Ganz anders wirken dagegen die Liebeslieder, wie sie Tag für Tag im Radio gesendet werden. Sie mögen noch so schnulzig sein, sie bewegen einfach die Gemüter. Ein Paradebeispiel dafür ist das Lied, das Marlene Dietrich im Film "Der blaue Engel" in den 30er Jahren sang. Es eroberte die halbe Welt. Im Refrain heißt es immer wieder:

Ich bin von Kopf bis Fuß auf Liebe eingestellt,

denn das ist meine Welt

und sonst gar nichts.

Das ist, was soll ich machen, meine Natur:

Ich kann halt lieben nur

und sonst gar nichts.


Marlene Dietrich singt, und alles hört und schaut gebannt zu. Mit ihrem Lied verdreht sie nicht nur den Zuhörern den Kopf, sondern auch ihrem Gegenspieler, einem tyrannischen Professor Unrat, der als Grundlagen des Staates ansieht: eine einflussreiche Kirche, ein handfester Säbel, strikter Gehorsam und starre Sitten. Marlene Dietrich, die in der Spelunke "Der blaue Engel" als schlüpfrige Sängerin auftritt und viele seiner Schüler in ihren Bann zieht, ist ihm ein Dorn im Auge. Er hat Angst um seine Schüler und schnüffelt ihnen nach.

Und dabei erliegt der eiserne Moralist am Ende selbst der Faszination dieser Frau, die in der berühmten Szene ihr langes Bein auf den Hocker stellt, dem Professor tief in die Augen schaut und singt:

Ich bin von Kopf bis Fuß auf Liebe eingestellt,

denn das ist meine Welt

und sonst gar nichts.


Und dieses Lied verwandelt den Moralwächter in einen anderen Menschen. Er sieht die Welt der Sängerin mit ganz anderen Augen. Er urteilt ganz anders. Er lernt diese Welt lieben – und heiratet am Ende die Sängerin. Die bürgerliche Gesellschaft ist empört, und seine geachtete Stellung ist verloren.

Aber was soll das mit dem heutigen Evangelium zu tun haben? Jesus ist doch der Erfinder eines ganz anderen Liebesbegriffes. Da geht es um "Liebe" im übertragenen Sinn. Jesus zeigt seine Liebe darin, dass er für die Seinen bis in den Tod geht ...

Aber wenn wir auf die feinen Untertöne der Erzählung im Johannesevangelium hören, fallen einem verblüffende Ähnlichkeiten mit dem Song "Ich bin von Kopf bis Fuß auf Liebe eingestellt" auf.

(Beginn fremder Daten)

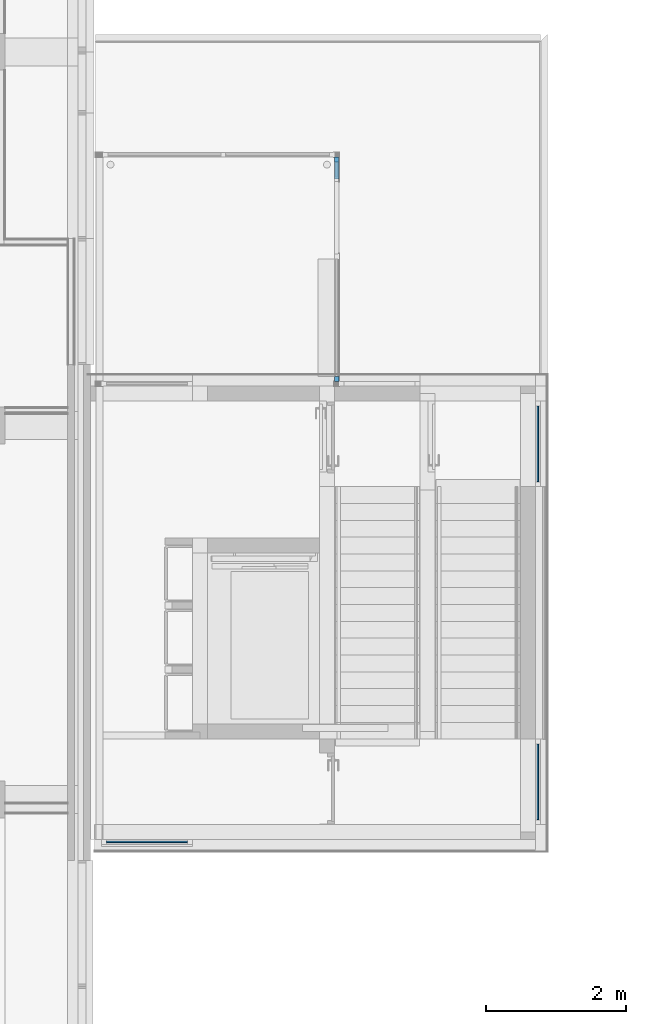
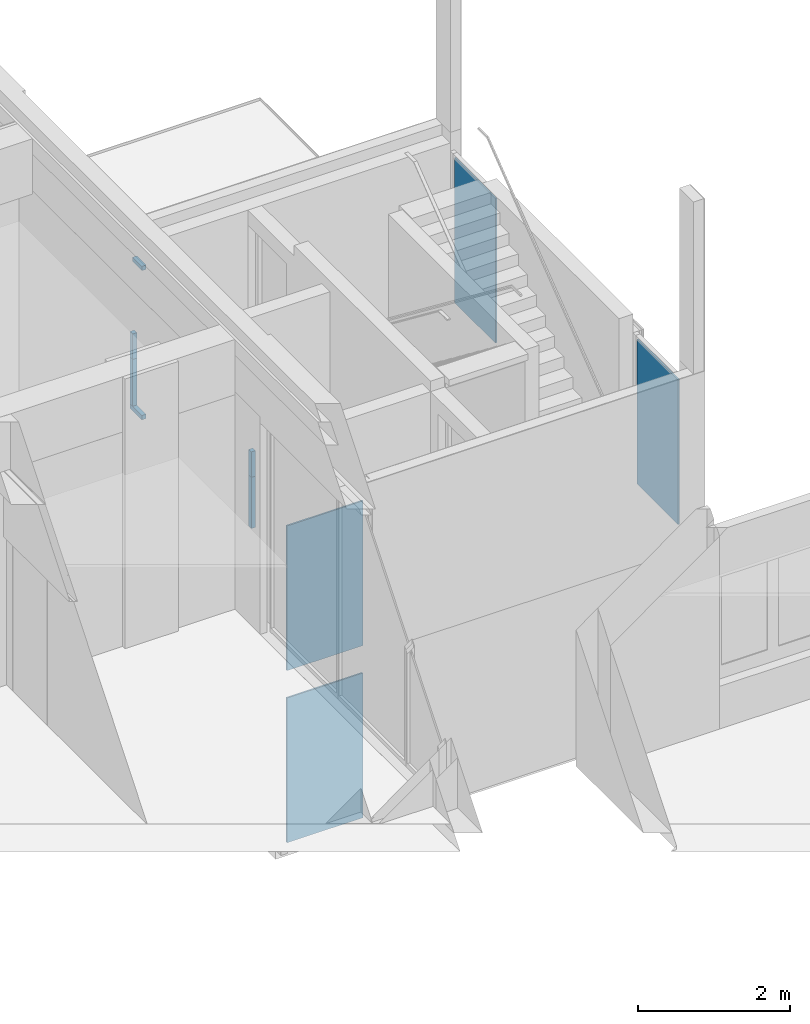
# One storey, part 10 of 117: 6 members, 4 plates, 5 elements without a shape of their own.
"""IFC2X3 building model written with IfcOpenShell, lengths in millimetres."""

from ifc_helpers import new_model, entity, si_unit, converted_unit, derived_unit, money_unit, direction, frame, origin_with_axes, place, context, subcontext, project, spatial, faceted_brep, source, transform, mapped, material, type_object, type_shapes, element, aggregate, save


model = new_model("IFC2X3")

# Units and contexts
model_context = context("Model", 3, precision=0.01, world=origin_with_axes(), true_north=direction((0.0, 1.0)))
body_context = subcontext(model_context, "Body", "Model", "MODEL_VIEW")
ifc_project = project(units=[si_unit("LENGTHUNIT", "METRE", prefix="MILLI"), si_unit("AREAUNIT", "SQUARE_METRE"), si_unit("VOLUMEUNIT", "CUBIC_METRE"), converted_unit("PLANEANGLEUNIT", "DEGREE", entity("IfcPlaneAngleMeasure", 0.0174532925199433), si_unit("PLANEANGLEUNIT", "RADIAN"), dimensions=[0, 0, 0, 0, 0, 0, 0]), money_unit("EUR"), converted_unit("TIMEUNIT", "Year", entity("IfcTimeMeasure", 31557600.0), si_unit("TIMEUNIT", "SECOND"), dimensions=[0, 0, 1, 0, 0, 0, 0]), si_unit("MASSUNIT", "GRAM", prefix="KILO"), si_unit("THERMODYNAMICTEMPERATUREUNIT", "DEGREE_CELSIUS"), si_unit("LUMINOUSINTENSITYUNIT", "LUMEN"), si_unit("ENERGYUNIT", "JOULE", prefix="MEGA"), derived_unit("THERMALCONDUCTANCEUNIT", [(si_unit("POWERUNIT", "WATT"), 1), (si_unit("LENGTHUNIT", "METRE"), -1), (si_unit("THERMODYNAMICTEMPERATUREUNIT", "KELVIN"), -1)]), derived_unit("SPECIFICHEATCAPACITYUNIT", [(si_unit("ENERGYUNIT", "JOULE"), 1), (si_unit("MASSUNIT", "GRAM", prefix="KILO"), -1), (si_unit("THERMODYNAMICTEMPERATUREUNIT", "KELVIN"), -1)]), derived_unit("MASSDENSITYUNIT", [(si_unit("MASSUNIT", "GRAM", prefix="KILO"), 1), (si_unit("VOLUMEUNIT", "CUBIC_METRE"), -1)])], contexts=[model_context])

# Site, building, storey
site_placement = place(None, origin_with_axes())
site = spatial("IfcSite", under=ifc_project, at=site_placement, Name="Site", CompositionType="ELEMENT")
building_placement = place(site_placement, origin_with_axes())
building = spatial("IfcBuilding", under=site, at=building_placement, Name="Naam gebouw", CompositionType="ELEMENT")
storey_placement = place(building_placement, frame((0.0, 0.0, 4150.0), z_axis=(0.0, 0.0, 1.0), x_axis=(1.0, 0.0, 0.0)))
storey = spatial("IfcBuildingStorey", under=building, at=storey_placement, Name="1e verdieping N", CompositionType="ELEMENT", Elevation=4150.0)

# Curtain wall, members
curtain_wall_type = type_object("IfcCurtainWallType", Name="Curtain Wall:21_CW_alu kozijn 070x065", PredefinedType="NOTDEFINED")
curtain_wall_1_placement = place(storey_placement, frame((0.0, 0.0, -4150.0), z_axis=(0.0, 0.0, 1.0), x_axis=(1.0, 0.0, 0.0)))
curtain_wall_1 = element("IfcCurtainWall", 1, at=curtain_wall_1_placement, inside=storey, type_object=curtain_wall_type, Name="Curtain Wall:21_CW_alu kozijn 070x065", ObjectType="Curtain Wall:21_CW_alu kozijn 070x065")
ifc_material_1 = material(Name="RAL 7024 - Grafietgrijs")
member_type_1 = type_object("IfcMemberType", Name="Rectangular Mullion:31_alu_070x065 RAL 7024", PredefinedType="MULLION")
member_1_placement = place(curtain_wall_1_placement, frame((33745.50000004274, 42374.41242631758, 2849.999999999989), z_axis=(0.0, 0.0, 1.0), x_axis=(1.0, 0.0, 0.0)))
member_1 = element("IfcMember", 2, at=member_1_placement, type_object=member_type_1, material=ifc_material_1, Name="Rectangular Mullion:31_alu_070x065 RAL 7024", ObjectType="MULLION", context=body_context, shape_type="Brep", body=[
    faceted_brep([(32.50000000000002, -244.7999999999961, 0.0), (32.50000000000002, -244.7999999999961, -70.0), (32.49999999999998, 0.0, -70.0), (32.49999999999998, 0.0, 0.0), (-32.49999999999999, -244.7999999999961, 0.0), (-32.49999999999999, -244.7999999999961, -70.0), (-32.50000000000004, 0.0, -70.0), (-32.50000000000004, 0.0, 0.0)], [[[0, 1, 2, 3]], [[0, 4, 5, 1]], [[1, 5, 6, 2]], [[3, 2, 6, 7]], [[4, 0, 3, 7]], [[5, 4, 7, 6]]]),
])
member_type_2 = type_object("IfcMemberType", Name="Rectangular Mullion:31_alu_070x065 RAL 7024", PredefinedType="MULLION")
member_2_placement = place(curtain_wall_1_placement, frame((33745.50000004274, 39244.91242633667, 1612.799999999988), z_axis=(0.0, 0.0, 1.0), x_axis=(0.0, -1.0, 0.0)))
member_2 = element("IfcMember", 3, at=member_2_placement, type_object=member_type_2, material=ifc_material_1, Name="Rectangular Mullion:31_alu_070x065 RAL 7024", ObjectType="MULLION", context=body_context, shape_type="Brep", body=[
    faceted_brep([(0.0, 32.5, -409.5000000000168), (-70.0, 32.50000000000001, -409.5000000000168), (-70.0, 32.50000000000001, 0.0), (0.0, 32.5, 0.0), (0.0, -32.50000000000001, -409.5000000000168), (-70.0, -32.5, -409.5000000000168), (-70.0, -32.5, 0.0), (0.0, -32.50000000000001, 0.0)], [[[0, 1, 2, 3]], [[0, 4, 5, 1]], [[1, 5, 6, 2]], [[3, 2, 6, 7]], [[4, 0, 3, 7]], [[5, 4, 7, 6]]]),
])
member_type_3 = type_object("IfcMemberType", Name="Rectangular Mullion:31_alu_070x065 RAL 7024", PredefinedType="MULLION")
member_3_placement = place(curtain_wall_1_placement, frame((33745.50000004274, 39244.91242633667, 1203.299999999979), z_axis=(0.0, 0.0, 1.0), x_axis=(0.0, -1.0, 0.0)))
member_3 = element("IfcMember", 4, at=member_3_placement, type_object=member_type_3, material=ifc_material_1, Name="Rectangular Mullion:31_alu_070x065 RAL 7024", ObjectType="MULLION", context=body_context, shape_type="Brep", body=[
    faceted_brep([(0.0, 32.5, -823.3000000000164), (-70.0, 32.50000000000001, -823.3000000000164), (-70.0, 32.50000000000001, 0.0), (0.0, 32.5, 0.0), (0.0, -32.50000000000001, -823.3000000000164), (-70.0, -32.5, -823.3000000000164), (-70.0, -32.5, 0.0), (0.0, -32.50000000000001, 0.0)], [[[0, 1, 2, 3]], [[0, 4, 5, 1]], [[1, 5, 6, 2]], [[3, 2, 6, 7]], [[4, 0, 3, 7]], [[5, 4, 7, 6]]]),
])
member_type_4 = type_object("IfcMemberType", Name="Rectangular Mullion:31_alu_070x065 RAL 7024", PredefinedType="MULLION")
member_4_placement = place(curtain_wall_1_placement, frame((33745.50000004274, 42444.41242626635, 1203.299999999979), z_axis=(0.0, 0.0, 1.0), x_axis=(0.0, 1.0, 0.0)))
member_4 = element("IfcMember", 5, at=member_4_placement, type_object=member_type_4, material=ifc_material_1, Name="Rectangular Mullion:31_alu_070x065 RAL 7024", ObjectType="MULLION", context=body_context, shape_type="Brep", body=[
    faceted_brep([(0.0, -32.5, 409.5000000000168), (-70.0, -32.50000000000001, 409.5000000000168), (-70.0, -32.50000000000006, 0.0), (0.0, -32.50000000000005, 0.0), (0.0, 32.50000000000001, 409.5000000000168), (-70.0, 32.5, 409.5000000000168), (-70.0, 32.49999999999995, 0.0), (0.0, 32.49999999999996, 0.0)], [[[0, 1, 2, 3]], [[0, 4, 5, 1]], [[1, 5, 6, 2]], [[3, 2, 6, 7]], [[4, 0, 3, 7]], [[5, 4, 7, 6]]]),
])
member_type_5 = type_object("IfcMemberType", Name="Rectangular Mullion:31_alu_070x065 RAL 7024", PredefinedType="MULLION")
member_5_placement = place(curtain_wall_1_placement, frame((33745.50000004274, 42129.61242627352, 379.9999999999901), z_axis=(0.0, 0.0, 1.0), x_axis=(1.0, 0.0, 0.0)))
member_5 = element("IfcMember", 6, at=member_5_placement, type_object=member_type_5, material=ifc_material_1, Name="Rectangular Mullion:31_alu_070x065 RAL 7024", ObjectType="MULLION", context=body_context, shape_type="Brep", body=[
    faceted_brep([(32.49999999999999, 314.799999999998, 0.0), (32.49999999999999, 314.799999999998, 70.0), (32.50000000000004, 0.0, 70.0), (32.50000000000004, 0.0, 0.0), (-32.50000000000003, 314.799999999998, 0.0), (-32.50000000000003, 314.799999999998, 70.0), (-32.49999999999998, 0.0, 70.0), (-32.49999999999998, 0.0, 0.0)], [[[0, 1, 2, 3]], [[0, 4, 5, 1]], [[1, 5, 6, 2]], [[3, 2, 6, 7]], [[4, 0, 3, 7]], [[5, 4, 7, 6]]]),
])
member_type_6 = type_object("IfcMemberType", Name="Rectangular Mullion:31_alu_070x065 RAL 7024", PredefinedType="MULLION")
member_6_placement = place(curtain_wall_1_placement, frame((33745.50000004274, 42444.41242626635, 450.0000000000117), z_axis=(0.0, 0.0, 1.0), x_axis=(0.0, 1.0, 0.0)))
member_6 = element("IfcMember", 7, at=member_6_placement, type_object=member_type_6, material=ifc_material_1, Name="Rectangular Mullion:31_alu_070x065 RAL 7024", ObjectType="MULLION", context=body_context, shape_type="Brep", body=[
    faceted_brep([(0.0, -32.5, 753.3000000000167), (-70.0, -32.50000000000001, 753.3000000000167), (-70.0, -32.50000000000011, 0.0), (0.0, -32.50000000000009, 0.0), (0.0, 32.50000000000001, 753.3000000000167), (-70.0, 32.5, 753.3000000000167), (-70.0, 32.49999999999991, 0.0), (0.0, 32.49999999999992, 0.0)], [[[0, 1, 2, 3]], [[0, 4, 5, 1]], [[1, 5, 6, 2]], [[3, 2, 6, 7]], [[4, 0, 3, 7]], [[5, 4, 7, 6]]]),
])
aggregate(curtain_wall_1, [member_1, member_2, member_3, member_4, member_5, member_6])

# Curtain wall, plate
curtain_wall_2_placement = place(storey_placement, frame((0.0, 0.0, -4150.0), z_axis=(0.0, 0.0, 1.0), x_axis=(1.0, 0.0, 0.0)))
curtain_wall_2 = element("IfcCurtainWall", 8, at=curtain_wall_2_placement, inside=storey, type_object=curtain_wall_type, Name="Curtain Wall:21_CW_alu kozijn 070x065", ObjectType="Curtain Wall:21_CW_alu kozijn 070x065")
ifc_material_2 = material(Name="Glass")
plate_type_1 = type_object("IfcPlateType", Name="System Panel:31_CWP_alu glas_2", PredefinedType="CURTAIN_PANEL")
shared_shape_1 = source(origin_with_axes(), body_context, "Body", "Brep", [
    faceted_brep([(540.0000000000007, -12.00000000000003, 0.0), (540.0000000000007, 11.99999999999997, 0.0), (540.0000000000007, 11.99999999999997, 2330.000000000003), (540.0000000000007, -12.00000000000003, 2330.000000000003), (-540.0000000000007, -11.99999999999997, 0.0), (-540.0000000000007, 12.00000000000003, 0.0), (-540.0000000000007, 12.00000000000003, 2330.000000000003), (-540.0000000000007, -11.99999999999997, 2330.000000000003)], [[[0, 1, 2, 3]], [[0, 4, 5, 1]], [[1, 5, 6, 2]], [[3, 2, 6, 7]], [[4, 0, 3, 7]], [[5, 4, 7, 6]]]),
])
type_shapes(plate_type_1, [shared_shape_1])
plate_1_placement = place(curtain_wall_2_placement, frame((36613.5000000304, 33535.9124262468, 3219.999999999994), z_axis=(0.0, 0.0, 1.0), x_axis=(0.0, -1.0, 0.0)))
plate_1 = element("IfcPlate", 9, at=plate_1_placement, type_object=plate_type_1, material=ifc_material_2, Name="System Panel:31_CWP_alu glas_2", ObjectType="CURTAIN_PANEL", context=body_context, shape_type="MappedRepresentation", body=[
    mapped(shared_shape_1, transform((0.0, 0.0, 0.0))),
])
aggregate(curtain_wall_2, [plate_1])

curtain_wall_3_placement = place(storey_placement, frame((0.0, 0.0, -4150.0), z_axis=(0.0, 0.0, 1.0), x_axis=(1.0, 0.0, 0.0)))
curtain_wall_3 = element("IfcCurtainWall", 10, at=curtain_wall_3_placement, inside=storey, type_object=curtain_wall_type, Name="Curtain Wall:21_CW_alu kozijn 070x065", ObjectType="Curtain Wall:21_CW_alu kozijn 070x065")
plate_2_placement = place(curtain_wall_3_placement, frame((36613.5000000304, 38355.91242625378, 3219.999999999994), z_axis=(0.0, 0.0, 1.0), x_axis=(0.0, -1.0, 0.0)))
plate_2 = element("IfcPlate", 11, at=plate_2_placement, type_object=plate_type_1, material=ifc_material_2, Name="System Panel:31_CWP_alu glas_2", ObjectType="CURTAIN_PANEL", context=body_context, shape_type="MappedRepresentation", body=[
    mapped(shared_shape_1, transform((0.0, 0.0, 0.0))),
])
aggregate(curtain_wall_3, [plate_2])

curtain_wall_4_placement = place(storey_placement, frame((0.0, 0.0, -4150.0), z_axis=(0.0, 0.0, 1.0), x_axis=(1.0, 0.0, 0.0)))
curtain_wall_4 = element("IfcCurtainWall", 12, at=curtain_wall_4_placement, inside=storey, type_object=curtain_wall_type, Name="Curtain Wall:21_CW_alu kozijn 070x065", ObjectType="Curtain Wall:21_CW_alu kozijn 070x065")
plate_type_2 = type_object("IfcPlateType", Name="System Panel:31_CWP_alu glas_2", PredefinedType="CURTAIN_PANEL")
shared_shape_2 = source(origin_with_axes(), body_context, "Body", "Brep", [
    faceted_brep([(577.0051413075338, -12.00000000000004, 0.0), (577.0051413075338, 11.99999999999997, 0.0), (577.0051413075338, 11.99999999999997, 2330.000000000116), (577.0051413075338, -12.00000000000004, 2330.000000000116), (-577.0051413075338, -11.99999999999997, 0.0), (-577.0051413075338, 12.00000000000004, 0.0), (-577.0051413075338, 12.00000000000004, 2330.000000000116), (-577.0051413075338, -11.99999999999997, 2330.000000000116)], [[[0, 1, 2, 3]], [[0, 4, 5, 1]], [[1, 5, 6, 2]], [[3, 2, 6, 7]], [[4, 0, 3, 7]], [[5, 4, 7, 6]]]),
])
type_shapes(plate_type_2, [shared_shape_2])
plate_3_placement = place(curtain_wall_4_placement, frame((31038.00514136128, 32679.41242631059, 450.0000000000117), z_axis=(0.0, 0.0, 1.0), x_axis=(-1.0, 0.0, 0.0)))
plate_3 = element("IfcPlate", 13, at=plate_3_placement, type_object=plate_type_2, material=ifc_material_2, Name="System Panel:31_CWP_alu glas_2", ObjectType="CURTAIN_PANEL", context=body_context, shape_type="MappedRepresentation", body=[
    mapped(shared_shape_2, transform((0.0, 0.0, 0.0))),
])
aggregate(curtain_wall_4, [plate_3])

curtain_wall_5_placement = place(storey_placement, frame((0.0, 0.0, -4150.0), z_axis=(0.0, 0.0, 1.0), x_axis=(1.0, 0.0, 0.0)))
curtain_wall_5 = element("IfcCurtainWall", 14, at=curtain_wall_5_placement, inside=storey, type_object=curtain_wall_type, Name="Curtain Wall:21_CW_alu kozijn 070x065", ObjectType="Curtain Wall:21_CW_alu kozijn 070x065")
plate_4_placement = place(curtain_wall_5_placement, frame((31038.00514136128, 32679.41242631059, 3219.999999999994), z_axis=(0.0, 0.0, 1.0), x_axis=(-1.0, 0.0, 0.0)))
plate_4 = element("IfcPlate", 15, at=plate_4_placement, type_object=plate_type_2, material=ifc_material_2, Name="System Panel:31_CWP_alu glas_2", ObjectType="CURTAIN_PANEL", context=body_context, shape_type="MappedRepresentation", body=[
    mapped(shared_shape_2, transform((0.0, 0.0, 0.0))),
])
aggregate(curtain_wall_5, [plate_4])

save(model, "model.ifc")
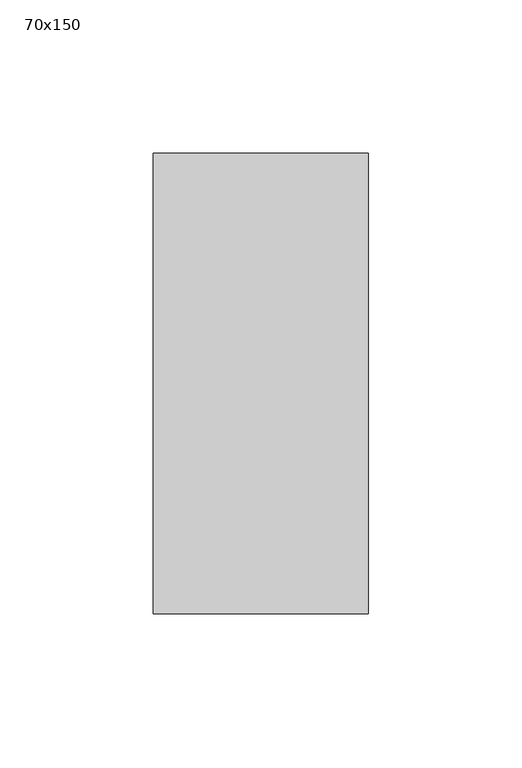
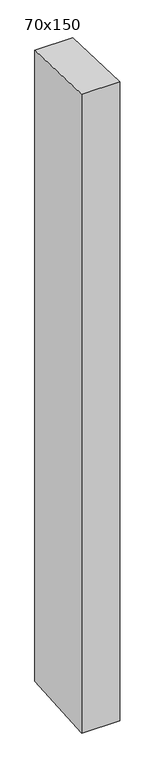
"""IFC4 building model written with IfcOpenShell, lengths in millimetres: member geometry, 長方形のマリオン : 70x150."""

from ifc_helpers import new_model, si_unit, frame, origin, place, context, project, spatial, polyline, outline, extrude, source, transform, mapped, element, save


def member_70x150_8f0671c1(model_context):
    return source(origin(), model_context, "Body", "SweptSolid", [
        extrude(outline(polyline([(-75.0, 2.8600187), (75.0, -2.8600187), (75.0, -1234.4919599), (-75.0, -1244.3866683), (-75.0, 2.8600187)])), frame((-35.0, 0.0, 0.0), z_axis=(1.0, 0.0, 0.0), x_axis=(0.0, 1.0, 0.0)), (0.0, 0.0, 1.0), 70.0),
    ])


if __name__ == "__main__":
    model = new_model("IFC4")
    model_context = context("Model", 3, world=origin())
    ifc_project = project(units=[si_unit("LENGTHUNIT", "METRE", prefix="MILLI")], contexts=[model_context])
    site = spatial("IfcSite", under=ifc_project)
    building = spatial("IfcBuilding", under=site)
    placement = place(None, origin())
    member_70x150_shape = member_70x150_8f0671c1(model_context)
    element("IfcMember", 1, ObjectType="長方形のマリオン : 70x150", at=placement, inside=building, context=model_context, shape_type="MappedRepresentation", body=[
        mapped(member_70x150_shape, transform((0.0, 0.0, 0.0), x_axis=(1.0, 0.0, 0.0), y_axis=(0.0, 1.0, 0.0), z_axis=(0.0, 0.0, 1.0))),
    ])
    save(model, "model.ifc")

Denn auch Jesus lernt bei einer anrüchigen Szene. Sie wird ein Kapitel vor der Fußwaschung erzählt. Sie spielt im Haus des Lazarus. Die feine Gesellschaft liegt bei Tisch. Da kommt Maria, die Schwester des Gastgebers, mit kostbarem Parfum, salbt Jesus die Füße und trocknet sie mit ihrem langen offenen Haar. Für antike Hörer ist das eine eindeutige Szene: Langes, offenes Haar ist sexuell anrüchig. Aber Jesus lässt es geschehen.

Und noch mehr: Er lernt selbst aus dieser Szene. Im Abendmahlssaal gibt er das weiter, was ihm offensichtlich gut getan hat. Und auch das, was er jetzt tut, ist in den Augen seiner Zeit anrüchig. Anderen die Füße zu waschen, gehörte zum Dienst der Untergebenen. Die Frau musste es ihrem Mann tun. Die Söhne und Töchter ihrem Vater. Nichtjüdische Sklavinnen und Sklaven ihrem Herrn. In diese Rolle begibt sich Jesus.

Noch mehr: Er bindet sich die Frauenschürze um, lässt Konventionen hinter sich. Damit provoziert er und propagiert Rollenumsturz. Das ist der eigentliche Liebesauftrag im Abendmahlsaal: Lasst euch von mir zu einem neuen Denken verführen: festgeschriebene Rollen in Fragen zu stellen, nicht von oben nach unten zu schauen, sondern vielmehr danach fragen: Was tut anderen gut?

Kein Wunder, wenn bei der liturgischen Fußwaschung und den heiligen Gesängen alles gähnt. Denn es geht bei Jesus weder um ein heiliges Spiel noch um einen spiritualisierten Liebesbegriff. Im Grunde geht es auch bei Jesus genau darum: "Ich bin von Kopf bis Fuß auf Liebe eingestellt." Ich vergesse, wer ich bin und wie mich andere bei meinem Tun anschauen. Ich gebe weiter, was mir gut getan hat und anderen gut tut.